Charles Hall

Personal information
- Full name: Charles John Hall
- Born: 12 August 1848 Kingston upon Thames, Surrey, England
- Died: 18 November 1931 (aged 83) Heybridge, Essex, England
- Batting: Right-handed
- Bowling: Right-arm roundarm fast

Domestic team information
- 1868–1873: Surrey

Career statistics
| Competition | First-class |
| Matches | 8 |
| Runs scored | 71 |
| Batting average | 5.91 |
| 100s/50s | –/– |
| Top score | 15 |
| Balls bowled | 36 |
| Wickets | 1 |
| Bowling average | 13.00 |
| 5 wickets in innings | – |
| 10 wickets in match | – |
| Best bowling | 1/4 |
| Catches/stumpings | 1/– |
- Source: Cricinfo, 23 June 2012

= Charles Hall (cricketer, born 1848) =

English cricketer

Charles John Hall (12 August 1848 – 18 November 1931) was an English cricketer. Hall was a right-handed batsman who bowled right-arm roundarm fast. He was born at Kingston upon Thames, Surrey.
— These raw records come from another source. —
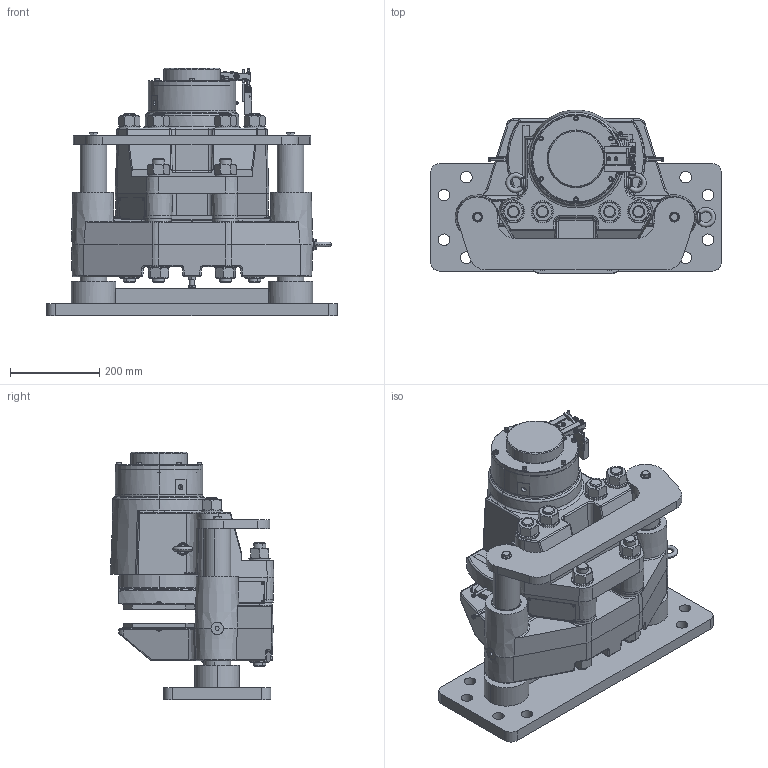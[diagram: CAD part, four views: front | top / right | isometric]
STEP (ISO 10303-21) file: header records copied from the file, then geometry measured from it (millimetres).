
FILE_DESCRIPTION((''),'2;1');
FILE_NAME('HS_145_FHM-270R-V','2020-10-09T',('BOLS'),(''),'CREO PARAMETRIC BY PTC INC, 2018360','CREO PARAMETRIC BY PTC INC, 2018360','');
FILE_SCHEMA(('CONFIG_CONTROL_DESIGN'));
Products named in the file (1): HS_145_FHM-270R-V
Bounding box: 650 x 366.19 x 553.3 mm (x, y, z)
Volume: 30950418.2 mm3; surface area: 2390014.3 mm2
Topology: 4 solids, 70 shells, 2837 faces, 6832 edges, 4203 vertices
Faces by surface type: plane 1007, cylinder 867, cone 578, torus 182, bspline 164, sphere 35, revolution 4
Entity records: 125985 total; most frequent: CARTESIAN_POINT 40775, DIRECTION 13652, ORIENTED_EDGE 13410, PRESENTATION_STYLE_ASSIGNMENT 6709, STYLED_ITEM 6709, CURVE_STYLE 6705, EDGE_CURVE 6705, AXIS2_PLACEMENT_3D 5465
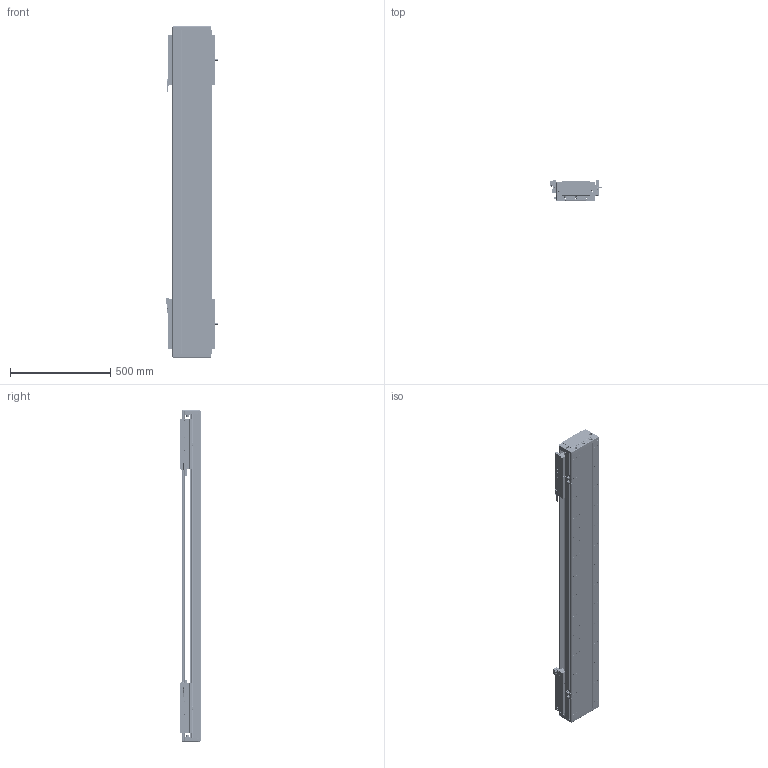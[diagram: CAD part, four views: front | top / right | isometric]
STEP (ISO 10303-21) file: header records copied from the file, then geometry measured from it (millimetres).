
FILE_DESCRIPTION (( 'STEP AP203' ), '1' );
FILE_NAME ('DA-C195-2-C3-T1040-C010-0.2 眻盄萇儂.STEP', '2025-08-14T11:02:47', ( '' ), ( '' ), 'SwSTEP 2.0', 'SolidWorks 2019', '' );
FILE_SCHEMA (( 'CONFIG_CONTROL_DESIGN' ));
Length unit declared in the file: millimetre
Products named in the file (16): 66156-0001-003-00 裔啣; IU-CU195-L-00 菁釱(L1620); DKW168-HXJ-ZJ-00 笢潔滅袉砎蝶; DKW-KGZ-ZJ-00 中间光电开关支架; DA195-DG-H-00  端盖（压铸镂空版）; DA95-HXJ-00 遣喳砎蝶; 葩璃 DA95-GT-T-00; MS200 棠掑喜S315-T240; CU195-C3賑輸-俋楷; DA-C195-2-C3-T1040-C010-0.2 眻盄萇儂; IU-CU195-L 菁釱絳寢; DA165-GYP-00 光电感应片(默认); PM-T45ㄗ侂狟ㄘ; LMT黍杅芛; DKW-GYP-ZJ-00 笢潔嫖萇覜茼え; PM-Y65嫖萇羲壽郪璃
Assembly tree (28 placements, depth 3):
  DA-C195-2-C3-T1040-C010-0.2 眻盄萇儂
    IU-CU195-L 菁釱絳寢
      IU-CU195-L-00 菁釱(L1620)
      葩璃 DA95-GT-T-00  x4
    LMT黍杅芛  x2
    MS200 棠掑喜S315-T240
    PM-T45ㄗ侂狟ㄘ  x4
    DA165-GYP-00 光电感应片(默认)  x2
    DA195-DG-H-00  端盖（压铸镂空版）  x2
    DA95-HXJ-00 遣喳砎蝶  x4
    PM-Y65嫖萇羲壽郪璃
    66156-0001-003-00 裔啣
    DKW168-HXJ-ZJ-00 笢潔滅袉砎蝶
    DKW-GYP-ZJ-00 笢潔嫖萇覜茼え
    DKW-KGZ-ZJ-00 中间光电开关支架
    CU195-C3賑輸-俋楷  x2
Bounding box: 258.2 x 115.6 x 1660 mm (x, y, z)
Volume: 13055919 mm3; surface area: 3612859.4 mm2
Topology: 146 solids, 218 shells, 7962 faces, 20392 edges, 12455 vertices
Faces by surface type: cylinder 3384, plane 2794, cone 914, bspline 718, torus 80, sphere 72
Entity records: 165219 total; most frequent: CARTESIAN_POINT 51386, ORIENTED_EDGE 23970, DIRECTION 22496, EDGE_CURVE 11985, AXIS2_PLACEMENT_3D 8223, VERTEX_POINT 7608, LINE 6050, VECTOR 6050

Hall made his first-class debut for Surrey against the Marylebone Cricket Club in 1868 at The Oval. He made seven further first-class appearances for the county, the last of which came against Gloucestershire in 1873. In his eight first-class matches, he scored 71 runs at an average of 5.91, with a high score of 15. With the ball, he took a single wicket (that of the Marylebone Cricket Club's Arthur Becher in 1872).

He died at Heybridge, Essex, on 18 November 1931.